The whiplash-inducing pace of change

The whiplash-inducing pace of change
This week it would have been easy to write my ForwardThinking commentary about DeepSeek, the new model from China that had everyone buzzing about its impact and speculating what it means. Find your favorite writer or thought leader and there was surely an opinion. But what struck me about the DeepSeek news wasn’t just the weightiness of it, although it clearly was a bombshell, it was its part in the breakneck news cycle we are experiencing.

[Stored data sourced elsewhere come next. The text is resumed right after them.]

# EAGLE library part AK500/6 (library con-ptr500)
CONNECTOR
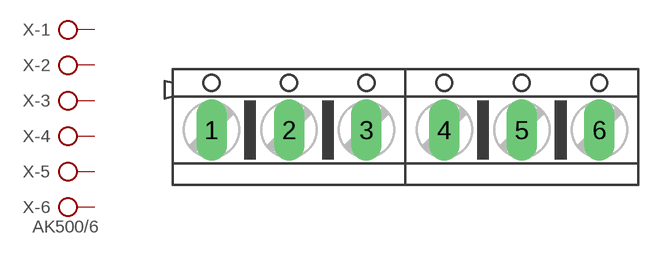
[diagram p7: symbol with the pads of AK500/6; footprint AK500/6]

Designator prefix X; gates -1=KL -2=KL -3=KL -4=KL -5=KL -6=KLV

## AK500/6 (OC_FARNELL: unknown; OC_NEWARK: unknown)  [AK500/6]
1  -1:KL  pas
2  -2:KL  pas
3  -3:KL  pas
4  -4:KL  pas
5  -5:KL  pas
6  -6:KL  pas

## Footprint AK500/6 (pad centres in mm)
CONNECTOR
drill 1.321 long: 1 -12.522,0; 2 -7.518,0; 3 -2.515,0; 4 2.515,0; 5 7.518,0; 6 12.522,0

Consider that in the last week we’ve heard about OpenAI releasing a beta of Operator, a new AI agent that reportedly can search the web and undertake tasks on your behalf. Then came Stargate, a project to build massive data centers for OpenAI with an astonishing $500 billion potential price tag, a number that’s so big, it’s hard to wrap our heads around. Then DeepSeek came along to blow our minds yet again.
DeepSeek in particular raised a plethora of questions about everything we’ve been told about generative AI. If this model, which seems quite capable, can be produced for millions of dollars, why do U.S. tech companies require hundreds of billions to build out their data centers in the chase for ever more compute power and presumably increasingly sophisticated and capable models? What does it mean for the cost of AI in the future, and are we witnessing the beginning of the commoditization of generative AI?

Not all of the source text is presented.